Looks like wood:biggrin:


----------



## Andrew Arndts (Sep 18, 2010)

I just turned some Darts out of Chakte Kok.  Which sometimes is known as Red heart. And what you have is similar to what I turned too.


----------



## aggromere (Sep 19, 2010)

I dont know what it is, but the blood wood I have used has a different graining pattern.  It's straighter and tighter.


----------



## juteck (Sep 19, 2010)

I don't think it's paduak or bloodwood based on the pieces of those I've seen. It could be red heart, or maybe bubinga. Did it feel silky after sanding? Maybe bubinga then?


----------



## GaryMGg (Sep 19, 2010)

Could be Bubinga; is the endgrain very tight?


----------



## BobBurt (Sep 20, 2010)

I vote for Bubinga, my favorite wood. Nice job BTW


----------



## CSue (Sep 20, 2010)

It could be Bloodwood as I've seen some beautiful planks with that kind of coloring and grain as in first photo.  But the last photo makes me think it's Bubinga for a number of reasons.  The grain pattern is much more defined than in most of the bloodwood I've seen - being more like Bubinga.  And if the coloring is more accurate in the last photo, I'd say it is Bubinga.

My question is, does the wood seem to be kind of heavy or light.  Bloodwood is much more solid grain patterning and slightly noticeable heavier weight than many woods.


----------



## arioux (Sep 20, 2010)

Looks a lot like redheart to me.

http://www.wood-database.com/lumber-identification/hardwoods/redheart/


----------



## traderdon55 (Sep 20, 2010)

I turned some redheart today making some sea urchin christmas ornaments and my redheart come out looking just like that.


----------



## turbowagon (Sep 20, 2010)

Here is a pendant/earring set I made from redheart.  It ranges in color from orange to red in my experience:


----------



## tseger (Sep 20, 2010)

I am no expert by far, but i would bet on this being redheart. I have turned a lot of it.FWIW


----------



## papaturner (Sep 20, 2010)

Crickett said:


> It could be Padauk.



I think Cricket nailed it.


----------



## jtdesigns (Sep 21, 2010)

Bloodwood......from crotch section would be my guess.


----------



## mrcook4570 (Sep 21, 2010)

It is NOT padauk.  Padauk has very large, open pores.  The wood in the photo does not have that.

Both bloodwood and bubinga are very hard and dense.  The OP described the wood as softer than padauk.  This characteristic does not agree with bloodwood or bubinga.

Redheart, on the other hand, is fairly soft, is not dense, and will turn brown over time.  So brown that it can resemble a mahogany, especially in a rough cut blank that has been sitting for a while.  

I would bet that you have a piece of redheart.  Enjoy the color while it lasts.


----------



## Rojo22 (Sep 21, 2010)

I would have to agree that this is not bloodwood.  I am leaning more toward redheart myself, and yes enjoy the red color for now.


----------



## Mr Mac (Jan 10, 2011)

Could it be tulip?


----------



## kludge77 (Jan 10, 2011)

Another vote for Redheart. 

Turned loads of it.
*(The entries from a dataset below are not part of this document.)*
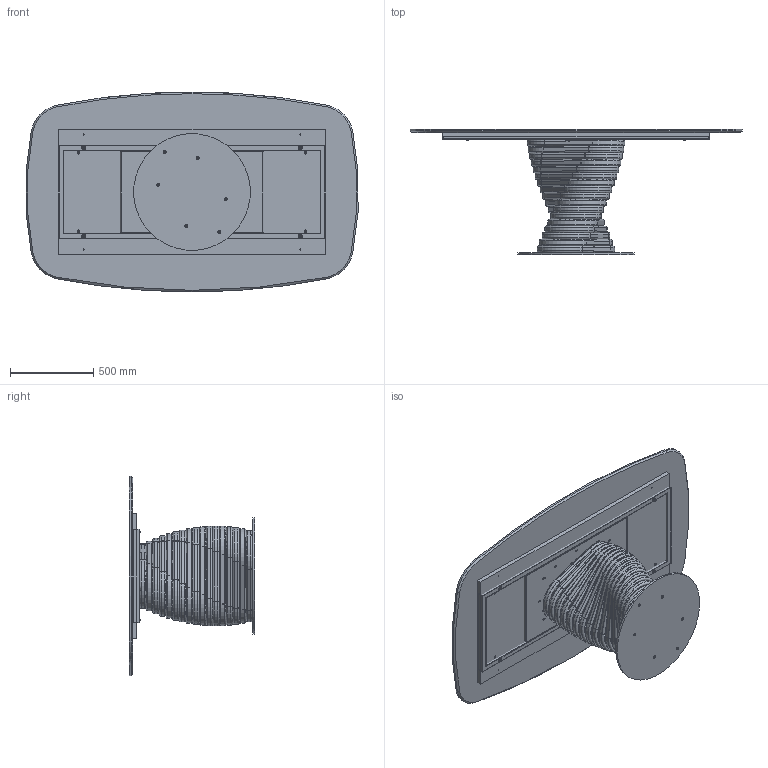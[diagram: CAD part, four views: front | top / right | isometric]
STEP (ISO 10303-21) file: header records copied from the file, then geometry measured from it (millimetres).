
FILE_DESCRIPTION (( 'STEP AP203' ), '1' );
FILE_NAME ('RO41M.STEP', '2024-08-07T13:34:49', ( '' ), ( '' ), 'SwSTEP 2.0', 'SolidWorks 2022', '' );
FILE_SCHEMA (( 'CONFIG_CONTROL_DESIGN' ));
Length unit declared in the file: millimetre
Products named in the file (17): M4XMXX-00-Piani Sagomati in marmo_2000x1200; ROBX00000-00-ROTOLO BASE 17 ANELLI; COLLO TELAIO UNIVERSALE TTAV01 CON FERRAMENTA_MTG TOP LEGNO-MARMO-KING; ROB200000-00-PIASTRA BASE_Ø70cm; TTAV01_02-05-VASSOIO IRRIGIDIMENTO TELAIO UNIVERSALE; ROBX00000INF-00-Anello rotolo INFERIORE_Default<A macchina>; rondella M8_8X24; TTAV01_01-05-TELAIO UNIVERSALE X TAVOLI 180 240cm; ROBX00000MED-00-Anello rotolo MEDIO_Default<A macchina>; M8xXXmm_M8x55mm; TRUXXXXXX-00-NOBILITATO GR CON SUPP TRUCIOLARE SP. 25_TRU00004_1600x720; M4X-00-Piani Sagomati in marmo_2000 x 1200; M8xXXmm_M8x20mm; M8xXXmm_hex_M8X20mm; ROBX00000SUP-00-Anello rotolo SUPERIORE_Default<A macchina>; TTAV01-05-TELAIO UNIVERSALE X TAVOLI 180 240cm; RO41M
Assembly tree (48 placements, depth 4):
  RO41M
    ROB200000-00-PIASTRA BASE_Ø70cm
    ROBX00000-00-ROTOLO BASE 17 ANELLI
      ROBX00000INF-00-Anello rotolo INFERIORE_Default<A macchina>
      ROBX00000MED-00-Anello rotolo MEDIO_Default<A macchina>  x15
      ROBX00000SUP-00-Anello rotolo SUPERIORE_Default<A macchina>
    M8xXXmm_hex_M8X20mm  x6
    COLLO TELAIO UNIVERSALE TTAV01 CON FERRAMENTA_MTG TOP LEGNO-MARMO-KING
      TTAV01-05-TELAIO UNIVERSALE X TAVOLI 180 240cm
        TTAV01_02-05-VASSOIO IRRIGIDIMENTO TELAIO UNIVERSALE
        TTAV01_01-05-TELAIO UNIVERSALE X TAVOLI 180 240cm
      rondella M8_8X24  x4
      M8xXXmm_M8x55mm  x4
    rondella M8_8X24  x4
    M8xXXmm_M8x20mm  x4
    M4XMXX-00-Piani Sagomati in marmo_2000x1200
      M4X-00-Piani Sagomati in marmo_2000 x 1200
      TRUXXXXXX-00-NOBILITATO GR CON SUPP TRUCIOLARE SP. 25_TRU00004_1600x720
Bounding box: 1992.14 x 752 x 1200 mm (x, y, z)
Volume: 86613804.8 mm3; surface area: 14825543.2 mm2
Topology: 95 solids, 95 shells, 1704 faces, 4052 edges, 2493 vertices
Faces by surface type: plane 660, cylinder 601, torus 244, cone 191, sphere 8
Entity records: 24103 total; most frequent: CARTESIAN_POINT 5275, DIRECTION 3542, ORIENTED_EDGE 3224, EDGE_CURVE 1612, AXIS2_PLACEMENT_3D 1343, VERTEX_POINT 1014, LINE 856, VECTOR 856

Totally looks like.


----------



## BobBurt (Jan 10, 2011)

Yep, exactly.....what he said


----------



## emtmike (Jan 10, 2011)

what did you use for a finish?


----------



## Fred (Jan 10, 2011)

Can you post a picture of the end grain. Use daylight as a light source as everyone's monitor does not always show the same colors.

My vote is for _____ until there is a bit more information. It would also help IF you had any samples without any finish applied.


----------